Problem details:
In the listing that follows, how many lines contain "passes"? Give the number only.

Supplied records:

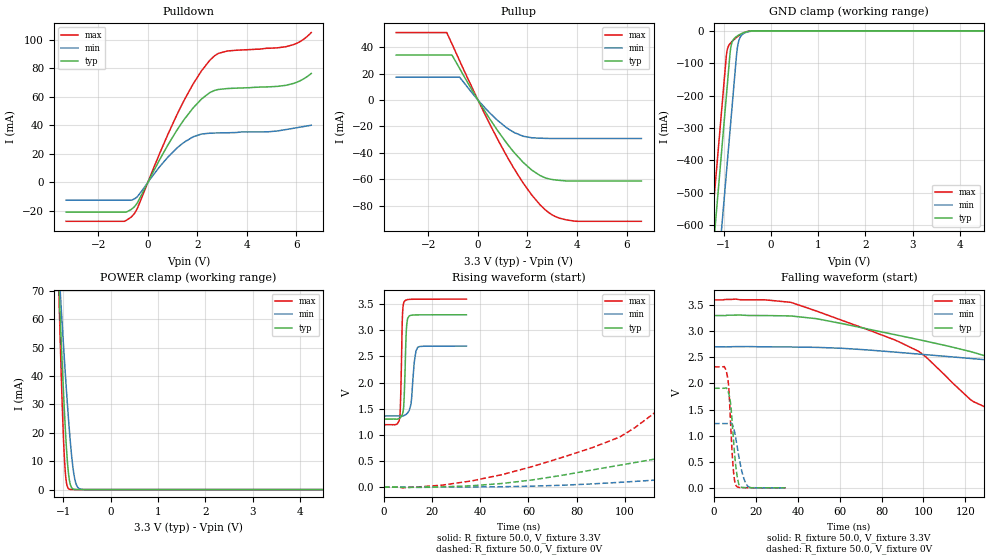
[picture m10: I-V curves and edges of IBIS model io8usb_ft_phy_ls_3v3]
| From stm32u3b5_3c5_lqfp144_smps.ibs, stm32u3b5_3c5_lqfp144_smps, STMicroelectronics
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[Model]   io8usb_ft_phy_ls_3v3
Model_type I/O
Polarity   Non-Inverting
Enable   Active-Low
| CAP_THRESHOLD on pad DPFT is "UDTCAPC" :
| Rising=30.0% of vddiom   Falling=70.0% of vddiom
| C_comp min and max val. don't necessarily correlate with the min and max pvt
| but are the smallest and greatest pad capacitance found.
| var   typ   min   max
C_comp   7.90877pF  7.74428pF  7.91322pF
|C_comp_pullup   5.14486pF  4.79251pF  5.28037pF
|C_comp_pulldown   2.76391pF  2.95177pF  2.63285pF
Vinl = 1.35V
Vinh = 1.8V
Vmeas = 1.65V   | Reference voltage for timing measurements
Cref  = 50.0pF   | Timing specification test load capacitance value
Rref  = 1.0MOhm   | Timing specification test load resistance value
Vref  = 1.815V   | Timing specification test load voltage
[Model Spec]
| TIME_THRESHOLD on pin ZIUSBPV11 is "CMOS" :
| Rising=50.0% of vdd   Falling=50.0% of vdd
Vinl 1.26850V 1.05950V 1.35350V
Vinh 1.77850V 1.50350V 1.88250V
| variable   typ   min   max
[Temperature Range] 25.0 130.0 -40.0
| variable   typ   min   max
[Voltage Range] 3.3V 2.7V 3.6V
| variable   typ   min   max
[POWER Clamp Reference] 3.3V 2.7V 3.6V
| variable   typ   min   max
[GND Clamp Reference] 0V 0V 0V
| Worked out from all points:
|   slope of the pulldown table from 0 to 0.495 V, typ, clamps not added: 30 ohm
|   slope of the pullup table from 0 to 0.495 V, typ, clamps not added: 33.4 ohm
|   GND clamp passes 1 mA (typ) near -0.45 V on its own axis
|   POWER clamp passes 1 mA (typ) near -0.83 V on its own axis
|   rising waveform, R_fixture 50.0, V_fixture 3.3V: 20-80 % time 822ps typ, 1.42ns min, 663ps max; typ from 1.3 V to 3.3 V
|   falling waveform, R_fixture 50.0, V_fixture 3.3V: 20-80 % time 80.2ns typ, 142ns min, 55.8ns max; typ from 3.3 V to 1.3 V
|   rising waveform, R_fixture 50.0, V_fixture 0V: 20-80 % time 89.2ns typ, 170ns min, 59.1ns max; typ from 0 V to 1.91 V
|   falling waveform, R_fixture 50.0, V_fixture 0V: 20-80 % time 2.36ns typ, 3.53ns min, 1.86ns max; typ from 1.91 V to 0.001 V
[POWER Clamp]
-3.3V     1.126A     769.5mA    1.647A
-1.1V     75.38mA    79.63mA    73.18mA
-1.09V    71.2mA     76.8mA     67.14mA
-1.08V    67.05mA    73.98mA    61.2mA
-1.06V    58.89mA    68.38mA    49.67mA
-1.01V    39.47mA    54.71mA    24.03mA
-970mV    25.49mA    44.18mA    9.257mA
-930mV    13.81mA    34.16mA    2.168mA
-870mV    3.251mA    20.56mA    140.6uA
-760mV    67.19uA    3.98mA     740.2nA
-630mV    519.2nA    149uA      2.216nA
6.6V      0A         0A         0A
[GND Clamp]
-3.3V     -4.213A    -4.451A    -4.087A
-1.25V    -727.6mA   -966.1mA   -601.9mA
-950mV    -217.6mA   -456.1mA   -91.89mA
-930mV    -183.6mA   -422.1mA   -65.18mA
-860mV    -66.05mA   -303.1mA   -39.14mA
-840mV    -46.26mA   -269.1mA   -35.85mA
-800mV    -28.83mA   -201.1mA   -30.02mA
-720mV    -16.98mA   -67.05mA   -19.74mA
-670mV    -12.46mA   -27.4mA    -14.18mA
-590mV    -6.767mA   -9.636mA   -7.036mA
-220mV    -696.1nA   -13.77uA   -55.48nA
6.6V      4.659nA    635.5nA    2.057nA
| variable   typ   min   max
[Pullup Reference] 3.3V 2.7V 3.6V
| variable   typ   min   max
[Pulldown Reference] 0V 0V 0V
[Pullup]
-3.3V     34.01mA    17.25mA    51.02mA
-1.26V    34.01mA    17.25mA    51.02mA
-1.05V    34.01mA    17.25mA    42.54mA
-740mV    23.86mA    17.25mA    29.69mA
460mV     -13.82mA   -9.49mA    -17.59mA
1.14V     -32.15mA   -20.75mA   -41.66mA
1.83V     -47.29mA   -27.48mA   -62.97mA
2.17V     -53.01mA   -28.6mA    -71.87mA
2.82V     -59.5mA    -29.12mA   -84.67mA
3.3V      -60.88mA   -29.17mA   -89.51mA
3.95V     -61.36mA   -29.17mA   -91.8mA
6.6V      -61.36mA   -29.17mA   -91.85mA
[Pulldown]
-3.3V     -20.77mA   -12.37mA   -27.2mA
-950mV    -20.77mA   -12.37mA   -27.2mA
-570mV    -17.45mA   -11.78mA   -22.39mA
-410mV    -13.9mA    -9.674mA   -17.62mA
800mV     25.93mA    17.54mA    33.25mA
1.3V      39.9mA     25.91mA    51.82mA
2.17V     58.5mA     33.95mA    78.26mA
2.7V      64.53mA    34.65mA    88.8mA
3.19V     65.78mA    34.82mA    92.02mA
5.58V     68.09mA    37.06mA    95.13mA
6.13V     71.09mA    38.7mA     98.53mA
6.6V      76.36mA    40.11mA    105mA
[Ramp]
dV/dt_r 1.14478V/89.18862ns 739.34088mV/169.54784ns 1.39063V/58.55452ns
dV/dt_f 1.19875V/80.14875ns 803.25981mV/141.24419ns 1.44295V/55.7438ns
R_load = 50.0
| Removed startup time: 0s 0s 0s  .
| Removed end time: 34.25ns.
[Rising Waveform]
R_fixture   = 50.0
V_fixture   = 3.3V
V_fixture_min = 2.7V
V_fixture_max = 3.6V
0s        1.302V     1.361V     1.195V
6.6ns     1.322V     1.361V     1.347V
6.95ns    1.336V     1.36V      1.739V
7.7ns     1.401V     1.361V     3.293V
8.45ns    1.784V     1.372V     3.552V
9.35ns    3.037V     1.398V     3.583V
10.5ns    3.277V     1.468V     3.593V
12.6ns    3.295V     2.393V     3.596V
14ns      3.296V     2.675V     3.596V
34.25ns   3.298V     2.699V     3.598V
| Removed startup time: 0s 0s 0s  .
| Removed end time: 599.25ns.
[Falling Waveform]
R_fixture   = 50.0
V_fixture   = 3.3V
V_fixture_min = 2.7V
V_fixture_max = 3.6V
0s        3.3V       2.7V       3.6V
36.7ns    3.292V     2.698V     3.553V
73.4ns    3.043V     2.642V     3.03V
97.85ns   2.838V     2.562V     2.612V
123.9ns   2.595V     2.474V     1.652V
159ns     1.959V     2.347V     1.254V
183.4ns   1.518V     2.249V     1.201V
207.9ns   1.381V     2.132V     1.196V
330.3ns   1.302V     1.431V     1.195V
599.3ns   1.302V     1.361V     1.195V
| Removed startup time: 0s 0s 0s  .
| Removed end time: 599.25ns.
[Rising Waveform]
R_fixture   = 50.0
V_fixture   = 0V
V_fixture_min = 0V
V_fixture_max = 0V
0s        35.13nV    302.2nV    81.71nV
24.45ns   5.028mV    -71.88uV   39.11mV
61.15ns   134.5mV    17.89mV    387.3mV
97.85ns   419.3mV    91.33mV    957.3mV
127.7ns   670.8mV    178.5mV    1.908V
169.8ns   1.307V     303.8mV    2.264V
195.7ns   1.682V     387.6mV    2.303V
244.6ns   1.87V      573.6mV    2.316V
366.9ns   1.907V     1.152V     2.318V
599.3ns   1.908V     1.232V     2.318V
| Removed startup time: 0s 0s 0s  .
| Removed end time: 34.2ns.
[Falling Waveform]
R_fixture   = 50.0
V_fixture   = 0V
V_fixture_min = 0V
V_fixture_max = 0V
0s        1.908V     1.232V     2.318V
4.9ns     1.909V     1.232V     2.323V
6.3ns     1.889V     1.233V     2.152V
7.05ns    1.798V     1.237V     1.899V
7.85ns    1.627V     1.241V     1.269V
9.1ns     1.009V     1.175V     401.7mV
10.5ns    373.8mV    919.1mV    41.91mV
11.9ns    62.88mV    586.5mV    9.144mV
16.1ns    3.082mV    31.76mV    3.304mV
34.2ns    1.415mV    802.5uV    1.915mV

Answer below:
2